Source data:

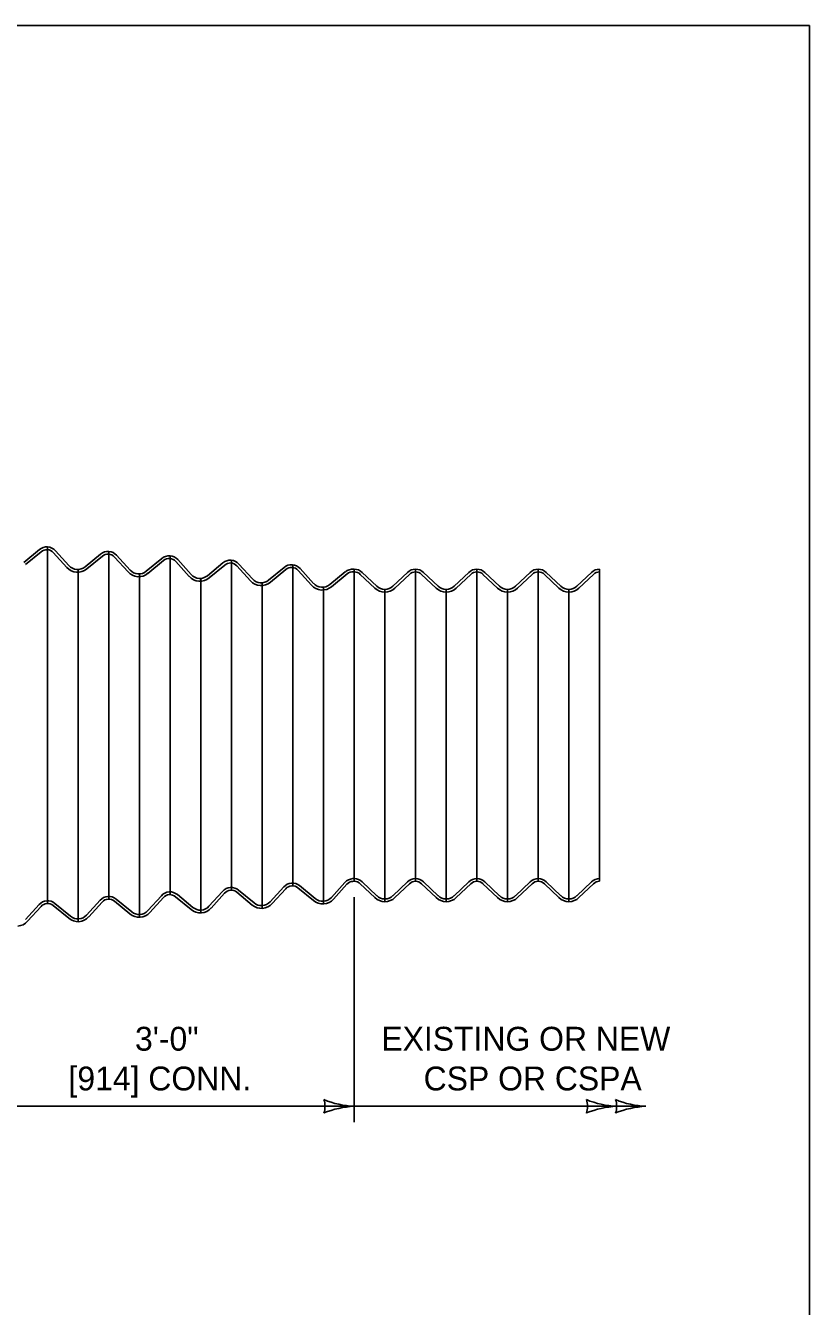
# Model space of a CAD drawing. Extents: x 49991.4 to 50021, y 49987.6 to 50011.4.
# Drawn here: x 50006.644 to 50008.615, y 50008.041 to 50011.263 of the extents above; entities that cross this region are included whole.
import ezdxf

# ---------------------------------------------------------------- set-up
doc = ezdxf.new("R2010")
doc.units = 0
for name, color, linetype in [('Level 1', 7, 'Continuous'), ('Level 2', 7, 'Continuous'), ('Level 3', 7, 'Continuous')]:
    doc.layers.add(name, color=color, linetype=linetype)

msp = doc.modelspace()

# ---------------------------------------------------------------- linework, layer by layer
at = {"layer": 'Level 1'}
for p, q in [((50006.6392, 50009.9126), (50006.6783, 50009.9448)), ((50006.6437, 50009.9074), (50006.6827, 50009.9395)), ((50006.6986, 50009.9515), (50006.6986, 50009.0545)), ((50006.7474, 50009.8998), (50006.7132, 50009.9374)), ((50006.7526, 50009.9044), (50006.7185, 50009.9419)), ((50006.8321, 50009.9336), (50006.7931, 50009.9014)), ((50006.8366, 50009.9283), (50006.7976, 50009.8962)), ((50006.8529, 50009.9403), (50006.8529, 50009.0657)), ((50006.8673, 50009.9261), (50006.9012, 50009.8886)), ((50006.8724, 50009.9306), (50006.9064, 50009.8932)), ((50006.947, 50009.8903), (50006.986, 50009.9224)), ((50007.0071, 50009.9291), (50007.0071, 50009.0768)), ((50006.7758, 50009.8946), (50006.7758, 50009.0086)), ((50006.9514, 50009.885), (50006.9905, 50009.9171)), ((50007.0551, 50009.8774), (50007.0211, 50009.9149)), ((50007.0603, 50009.882), (50007.0263, 50009.9195)), ((50007.1399, 50009.9112), (50007.1008, 50009.8791)), ((50007.1444, 50009.9059), (50007.1053, 50009.8738)), ((50007.1614, 50009.9179), (50007.1614, 50009.0879)), ((50007.2089, 50009.8663), (50007.175, 50009.9037)), ((50007.2141, 50009.8708), (50007.1801, 50009.9083)), ((50007.2937, 50009.9), (50007.2547, 50009.8679)), ((50007.2982, 50009.8947), (50007.2591, 50009.8626)), ((50007.3157, 50009.9066), (50007.3157, 50009.099)), ((50007.3288, 50009.8925), (50007.3628, 50009.8551)), ((50007.334, 50009.8971), (50007.368, 50009.8596)), ((50007.4085, 50009.8567), (50007.4476, 50009.8888)), ((50007.4678, 50009.8886), (50007.47, 50009.8887)), ((50007.4683, 50009.8955), (50007.47, 50009.8957)), ((50007.4699, 50009.8957), (50007.4699, 50009.1104)), ((50007.6242, 50009.8957), (50007.6242, 50009.1104)), ((50007.7785, 50009.8957), (50007.7785, 50009.1104)), ((50007.9327, 50009.8957), (50007.9327, 50009.1104)), ((50008.087, 50009.8957), (50008.087, 50009.1104)), ((50006.93, 50009.8834), (50006.93, 50009.0198)), ((50007.0843, 50009.8722), (50007.0843, 50009.0309)), ((50007.2386, 50009.8611), (50007.2386, 50009.0421)), ((50007.413, 50009.8514), (50007.4521, 50009.8835)), ((50007.5219, 50009.8476), (50007.4853, 50009.8825)), ((50007.5268, 50009.8526), (50007.4902, 50009.8874)), ((50007.604, 50009.8874), (50007.5674, 50009.8526)), ((50007.6089, 50009.8825), (50007.5723, 50009.8476)), ((50007.6762, 50009.8476), (50007.6396, 50009.8825)), ((50007.681, 50009.8526), (50007.6444, 50009.8874)), ((50007.7583, 50009.8874), (50007.7216, 50009.8526)), ((50007.7631, 50009.8825), (50007.7265, 50009.8476)), ((50007.7938, 50009.8825), (50007.8304, 50009.8476)), ((50007.7987, 50009.8874), (50007.8353, 50009.8526)), ((50007.8759, 50009.8526), (50007.9126, 50009.8874)), ((50007.8808, 50009.8476), (50007.9174, 50009.8825)), ((50007.9847, 50009.8476), (50007.9481, 50009.8825)), ((50007.9896, 50009.8526), (50007.953, 50009.8874)), ((50008.0668, 50009.8874), (50008.0302, 50009.8526)), ((50008.0717, 50009.8825), (50008.0351, 50009.8476)), ((50007.3928, 50009.8499), (50007.3928, 50009.0532)), ((50007.5471, 50009.8442), (50007.5471, 50009.059)), ((50007.7014, 50009.8442), (50007.7014, 50009.059)), ((50007.8556, 50009.8442), (50007.8556, 50009.059)), ((50008.0099, 50009.8442), (50008.0099, 50009.059)), ((50007.4661, 50009.117), (50007.47, 50009.1173)), ((50007.1389, 50009.0851), (50007.1048, 50009.0477)), ((50007.2182, 50009.0559), (50007.1791, 50009.088)), ((50007.2927, 50009.0962), (50007.2587, 50009.0588)), ((50007.2979, 50009.0917), (50007.2639, 50009.0542)), ((50007.3285, 50009.0939), (50007.3676, 50009.0617)), ((50007.3327, 50009.0994), (50007.372, 50009.067)), ((50007.4126, 50009.0699), (50007.4466, 50009.1074)), ((50007.4178, 50009.0654), (50007.4518, 50009.1028)), ((50007.4666, 50009.1101), (50007.47, 50009.1104)), ((50007.5219, 50009.0693), (50007.4853, 50009.1041)), ((50007.5268, 50009.0742), (50007.4902, 50009.1091)), ((50007.604, 50009.1091), (50007.5674, 50009.0742)), ((50007.6089, 50009.1041), (50007.5723, 50009.0693)), ((50007.6762, 50009.0693), (50007.6396, 50009.1041)), ((50007.681, 50009.0742), (50007.6444, 50009.1091)), ((50007.7583, 50009.1091), (50007.7216, 50009.0742)), ((50007.7631, 50009.1041), (50007.7265, 50009.0693)), ((50007.7938, 50009.1041), (50007.8304, 50009.0693)), ((50007.7987, 50009.1091), (50007.8353, 50009.0742)), ((50007.8759, 50009.0742), (50007.9126, 50009.1091)), ((50007.8808, 50009.0693), (50007.9174, 50009.1041)), ((50007.9847, 50009.0693), (50007.9481, 50009.1041)), ((50007.9896, 50009.0742), (50007.953, 50009.1091)), ((50008.0668, 50009.1091), (50008.0302, 50009.0742)), ((50008.0717, 50009.1041), (50008.0351, 50009.0693)), ((50006.6432, 50009.0143), (50006.6775, 50009.0519)), ((50006.7566, 50009.0225), (50006.7175, 50009.0546)), ((50006.8311, 50009.0628), (50006.7971, 50009.0254)), ((50006.8363, 50009.0582), (50006.8023, 50009.0208)), ((50006.8669, 50009.0605), (50006.906, 50009.0283)), ((50006.8714, 50009.0658), (50006.9105, 50009.0336)), ((50006.951, 50009.0365), (50006.985, 50009.074)), ((50006.9562, 50009.032), (50006.9902, 50009.0694)), ((50007.0598, 50009.0395), (50007.0208, 50009.0716)), ((50007.0643, 50009.0447), (50007.0253, 50009.0769)), ((50007.144, 50009.0805), (50007.11, 50009.0431)), ((50007.2137, 50009.0506), (50007.1746, 50009.0827)), ((50006.6484, 50009.0097), (50006.6824, 50009.0471)), ((50006.6824, 50009.0471), (50006.6824, 50009.0471)), ((50006.7521, 50009.0172), (50006.7131, 50009.0493)), ((50006.6484, 50009.0097), (50006.6484, 50009.0097))]:
    msp.add_line(p, q, dxfattribs=at)
msp.add_lwpolyline([(50008.6146, 50011.2628), (50000.3356, 50011.2628), (50000.3356, 50000.0624), (50008.6146, 50000.0624)], close=True, dxfattribs=at)
for centre, radius, start, end in [((50006.6969, 50009.9226), 0.0289, 85.8403, 130.1334), ((50006.6969, 50009.9226), 0.022, 85.8403, 130.1334), ((50006.8508, 50009.9115), 0.0289, 85.8403, 130.1334), ((50006.8508, 50009.9115), 0.022, 85.8403, 130.1334), ((50006.8508, 50009.9115), 0.022, 41.5472, 85.8403), ((50006.8508, 50009.9115), 0.0289, 41.5472, 85.8403), ((50007.0047, 50009.9003), 0.0289, 85.8403, 130.1334), ((50007.0047, 50009.9003), 0.022, 85.8403, 130.1334), ((50007.0047, 50009.9003), 0.022, 41.5472, 85.8403), ((50007.0047, 50009.9003), 0.0289, 41.5472, 85.8403), ((50006.7743, 50009.9235), 0.0358, 221.2467, 265.8403), ((50006.7743, 50009.9235), 0.0289, 221.2467, 265.8403), ((50006.7743, 50009.9235), 0.0358, 265.8403, 310.4339), ((50006.7743, 50009.9235), 0.0289, 265.8403, 310.4339), ((50006.9282, 50009.9123), 0.0358, 221.2467, 265.8403), ((50006.9282, 50009.9123), 0.0289, 221.2467, 265.8403), ((50006.9282, 50009.9123), 0.0289, 265.8403, 310.4339), ((50007.1585, 50009.8891), 0.0289, 85.8403, 130.1334), ((50007.1585, 50009.8891), 0.022, 85.8403, 130.1334), ((50007.1585, 50009.8891), 0.022, 41.5472, 85.8403), ((50007.1585, 50009.8891), 0.0289, 41.5472, 85.8403), ((50007.3124, 50009.8779), 0.0289, 85.8403, 130.1334), ((50007.3124, 50009.8779), 0.022, 85.8403, 130.1334), ((50007.3124, 50009.8779), 0.022, 41.5472, 85.8403), ((50007.3124, 50009.8779), 0.0289, 41.5472, 85.8403), ((50007.4663, 50009.8667), 0.0289, 85.8403, 130.1334), ((50007.4663, 50009.8667), 0.022, 85.8403, 130.1334), ((50007.47, 50009.8667), 0.0289, 45.7069, 90), ((50007.47, 50009.8667), 0.022, 45.7069, 90), ((50007.6242, 50009.8667), 0.0289, 90, 134.2931), ((50007.6242, 50009.8667), 0.022, 90, 134.2931), ((50007.6242, 50009.8667), 0.0289, 45.7069, 90), ((50007.6242, 50009.8667), 0.022, 45.7069, 90), ((50007.7785, 50009.8667), 0.0289, 90, 134.2931), ((50007.7785, 50009.8667), 0.022, 90, 134.2931), ((50007.7785, 50009.8667), 0.0289, 45.7069, 90), ((50007.7785, 50009.8667), 0.022, 45.7069, 90), ((50007.9328, 50009.8667), 0.0289, 90, 134.2931), ((50007.9328, 50009.8667), 0.022, 90, 134.2931), ((50007.9328, 50009.8667), 0.0289, 45.7069, 90), ((50007.9328, 50009.8667), 0.022, 45.7069, 90), ((50008.087, 50009.8667), 0.0289, 90.0798, 134.2931), ((50008.087, 50009.8667), 0.022, 90.1049, 134.2931), ((50006.9282, 50009.9123), 0.0358, 265.8403, 310.4339), ((50007.0821, 50009.9011), 0.0358, 221.2467, 265.8403), ((50007.0821, 50009.9011), 0.0289, 221.2467, 265.8403), ((50007.0821, 50009.9011), 0.0358, 265.8403, 310.4339), ((50007.0821, 50009.9011), 0.0289, 265.8403, 310.4339), ((50007.2359, 50009.8899), 0.0358, 221.2467, 265.8403), ((50007.2359, 50009.8899), 0.0289, 221.2467, 265.8403), ((50007.2359, 50009.8899), 0.0358, 265.8403, 310.4339), ((50007.2359, 50009.8899), 0.0289, 265.8403, 310.4339), ((50007.3898, 50009.8787), 0.0289, 221.2467, 265.8403), ((50007.3898, 50009.8787), 0.0289, 265.8403, 310.4339), ((50007.3898, 50009.8787), 0.0358, 221.2467, 265.8403), ((50007.3898, 50009.8787), 0.0358, 265.8403, 310.4339), ((50007.5471, 50009.8732), 0.0358, 225.4064, 270), ((50007.5471, 50009.8732), 0.0289, 225.4064, 270), ((50007.5471, 50009.8732), 0.0289, 270, 314.5936), ((50007.5471, 50009.8732), 0.0358, 270, 314.5936), ((50007.7013, 50009.8732), 0.0358, 225.4064, 270), ((50007.7013, 50009.8732), 0.0289, 225.4064, 270), ((50007.7013, 50009.8732), 0.0289, 270, 314.5936), ((50007.7013, 50009.8732), 0.0358, 270, 314.5936), ((50007.8556, 50009.8732), 0.0358, 225.4064, 270), ((50007.8556, 50009.8732), 0.0289, 225.4064, 270), ((50007.8556, 50009.8732), 0.0289, 270, 314.5936), ((50007.8556, 50009.8732), 0.0358, 270, 314.5936), ((50008.0099, 50009.8732), 0.0358, 225.4064, 270), ((50008.0099, 50009.8732), 0.0289, 225.4064, 270), ((50008.0099, 50009.8732), 0.0289, 270, 314.5936), ((50008.0099, 50009.8732), 0.0358, 270, 314.5936), ((50007.4682, 50009.0882), 0.0289, 94.1392, 138.4323), ((50007.47, 50009.0884), 0.0289, 45.7069, 90), ((50007.6242, 50009.0884), 0.0289, 90, 134.2931), ((50007.6242, 50009.0884), 0.0289, 45.7069, 90), ((50007.7785, 50009.0884), 0.0289, 90, 134.2931), ((50007.7785, 50009.0884), 0.0289, 45.7069, 90), ((50007.9328, 50009.0884), 0.0289, 90, 134.2931), ((50007.9328, 50009.0884), 0.0289, 45.7069, 90), ((50008.087, 50009.0884), 0.0289, 90.0798, 134.2931), ((50007.0066, 50009.0548), 0.0289, 94.1392, 138.4323), ((50007.0066, 50009.0548), 0.0289, 49.8462, 94.1392), ((50007.1605, 50009.0659), 0.0289, 94.1392, 138.4323), ((50007.1605, 50009.0659), 0.022, 94.1392, 138.4323), ((50007.1605, 50009.0659), 0.0289, 49.8462, 94.1392), ((50007.1605, 50009.0659), 0.022, 49.8462, 94.1392), ((50007.3143, 50009.077), 0.0289, 94.1392, 138.4323), ((50007.3143, 50009.077), 0.022, 94.1392, 138.4323), ((50007.3143, 50009.077), 0.0289, 49.8462, 94.1392), ((50007.3143, 50009.077), 0.022, 49.8462, 94.1392), ((50007.4682, 50009.0882), 0.022, 94.1392, 138.4323), ((50007.47, 50009.0884), 0.022, 45.7069, 90), ((50007.6242, 50009.0884), 0.022, 90, 134.2931), ((50007.6242, 50009.0884), 0.022, 45.7069, 90), ((50007.7785, 50009.0884), 0.022, 90, 134.2931), ((50007.7785, 50009.0884), 0.022, 45.7069, 90), ((50007.9328, 50009.0884), 0.022, 90, 134.2931), ((50007.9328, 50009.0884), 0.022, 45.7069, 90), ((50008.087, 50009.0884), 0.022, 90.1049, 134.2931), ((50006.6989, 50009.0325), 0.022, 94.1392, 138.4323), ((50006.6989, 50009.0325), 0.0289, 49.8462, 94.1392), ((50006.6989, 50009.0325), 0.022, 49.8462, 94.1392), ((50006.8527, 50009.0436), 0.0289, 94.1392, 138.4323), ((50006.8527, 50009.0436), 0.022, 94.1392, 138.4323), ((50006.8527, 50009.0436), 0.0289, 49.8462, 94.1392), ((50006.8527, 50009.0436), 0.022, 49.8462, 94.1392), ((50007.0066, 50009.0548), 0.022, 94.1392, 138.4323), ((50007.0066, 50009.0548), 0.022, 49.8462, 94.1392), ((50007.2369, 50009.0779), 0.0289, 229.5456, 274.1392), ((50007.2369, 50009.0779), 0.0289, 274.1392, 318.7329), ((50007.2369, 50009.0779), 0.0358, 274.1392, 318.7329), ((50007.3908, 50009.089), 0.0358, 229.5456, 274.1392), ((50007.3908, 50009.089), 0.0289, 229.5456, 274.1392), ((50007.3908, 50009.089), 0.0289, 274.1392, 318.7329), ((50007.3908, 50009.089), 0.0358, 274.1392, 318.7329), ((50007.5471, 50009.0948), 0.0358, 225.4064, 270), ((50007.5471, 50009.0948), 0.0289, 225.4064, 270), ((50007.5471, 50009.0948), 0.0289, 270, 314.5936), ((50007.5471, 50009.0948), 0.0358, 270, 314.5936), ((50007.7013, 50009.0948), 0.0358, 225.4064, 270), ((50007.7013, 50009.0948), 0.0289, 225.4064, 270), ((50007.7013, 50009.0948), 0.0289, 270, 314.5936), ((50007.7013, 50009.0948), 0.0358, 270, 314.5936), ((50007.8556, 50009.0948), 0.0358, 225.4064, 270), ((50007.8556, 50009.0948), 0.0289, 225.4064, 270), ((50007.8556, 50009.0948), 0.0289, 270, 314.5936), ((50007.8556, 50009.0948), 0.0358, 270, 314.5936), ((50008.0099, 50009.0948), 0.0358, 225.4064, 270), ((50008.0099, 50009.0948), 0.0289, 225.4064, 270), ((50008.0099, 50009.0948), 0.0289, 270, 314.5936), ((50008.0099, 50009.0948), 0.0358, 270, 314.5936), ((50006.7753, 50009.0445), 0.0289, 229.5456, 274.1392), ((50006.7753, 50009.0445), 0.0289, 274.1392, 318.7329), ((50006.7753, 50009.0445), 0.0358, 274.1392, 318.7329), ((50006.9292, 50009.0556), 0.0358, 229.5456, 274.1392), ((50006.9292, 50009.0556), 0.0289, 229.5456, 274.1392), ((50006.9292, 50009.0556), 0.0289, 274.1392, 318.7329), ((50006.9292, 50009.0556), 0.0358, 274.1392, 318.7329), ((50007.0831, 50009.0668), 0.0358, 229.5456, 274.1392), ((50007.0831, 50009.0668), 0.0289, 229.5456, 274.1392), ((50007.0831, 50009.0668), 0.0289, 274.1392, 318.7329), ((50007.0831, 50009.0668), 0.0358, 274.1392, 318.7329), ((50007.2369, 50009.0779), 0.0358, 229.5456, 274.1392), ((50006.6215, 50009.0333), 0.0358, 274.1392, 318.7329), ((50006.7753, 50009.0445), 0.0358, 229.5456, 274.1392)]:
    msp.add_arc(centre, radius, start, end, dxfattribs=at)
for centre, major_axis, ratio, start_param, end_param in [((50006.6969, 50009.923), (0.0217, -0.0016), 0.997243, 0.797736, 1.570796), ((50006.6969, 50009.9229), (0.0287, -0.0021), 0.995464, 0.797736, 1.570796), ((50006.6988, 50009.0332), (-0.0284, -0.0021), 0.991642, 4.712389, 5.485449)]:
    msp.add_ellipse(centre, major_axis=major_axis, ratio=ratio, start_param=start_param, end_param=end_param, dxfattribs=at)
at = {"layer": 'Level 3'}
for p, q in [((50007.4699, 50009.0704), (50007.4699, 50008.5043)), ((50006.5671, 50008.5443), (50007.4699, 50008.5443)), ((50007.4699, 50008.5443), (50008.2033, 50008.5443))]:
    msp.add_line(p, q, dxfattribs=at)
for centre, radius, start, end in [((50007.4791, 50008.7664), 0.2223, 247.456, 267.6395), ((50007.3417, 50008.5443), 0.0548, 342.1388, 17.8612), ((50007.4814, 50008.3116), 0.233, 92.8273, 112.0772), ((50008.139, 50008.7664), 0.2223, 247.456, 267.6395), ((50008.0017, 50008.5443), 0.0548, 342.1388, 17.8612), ((50008.1414, 50008.3116), 0.233, 92.8273, 112.0772), ((50008.2125, 50008.7664), 0.2223, 247.456, 267.6395), ((50008.0751, 50008.5443), 0.0548, 342.1388, 17.8612), ((50008.2148, 50008.3116), 0.233, 92.8273, 112.0772)]:
    msp.add_arc(centre, radius, start, end, dxfattribs=at)

# ---------------------------------------------------------------- texts
at = {"layer": 'Level 2'}
for s, p in [('3\'-0"', (50006.9188, 50008.6843)), ('EXISTING OR NEW', (50007.5382, 50008.6843)), ('[914] CONN.', (50006.7515, 50008.5843)), ('CSP OR CSPA', (50007.6446, 50008.5843))]:
    msp.add_text(s, height=0.06, dxfattribs=at).set_placement(p)

doc.saveas('drawing.dxf')

> Your goal
Which lines of the records above contain the word "Level"? Show each of them.

> Answer to this problem
for name, color, linetype in [('Level 1', 7, 'Continuous'), ('Level 2', 7, 'Continuous'), ('Level 3', 7, 'Continuous')]:
at = {"layer": 'Level 1'}
at = {"layer": 'Level 3'}
at = {"layer": 'Level 2'}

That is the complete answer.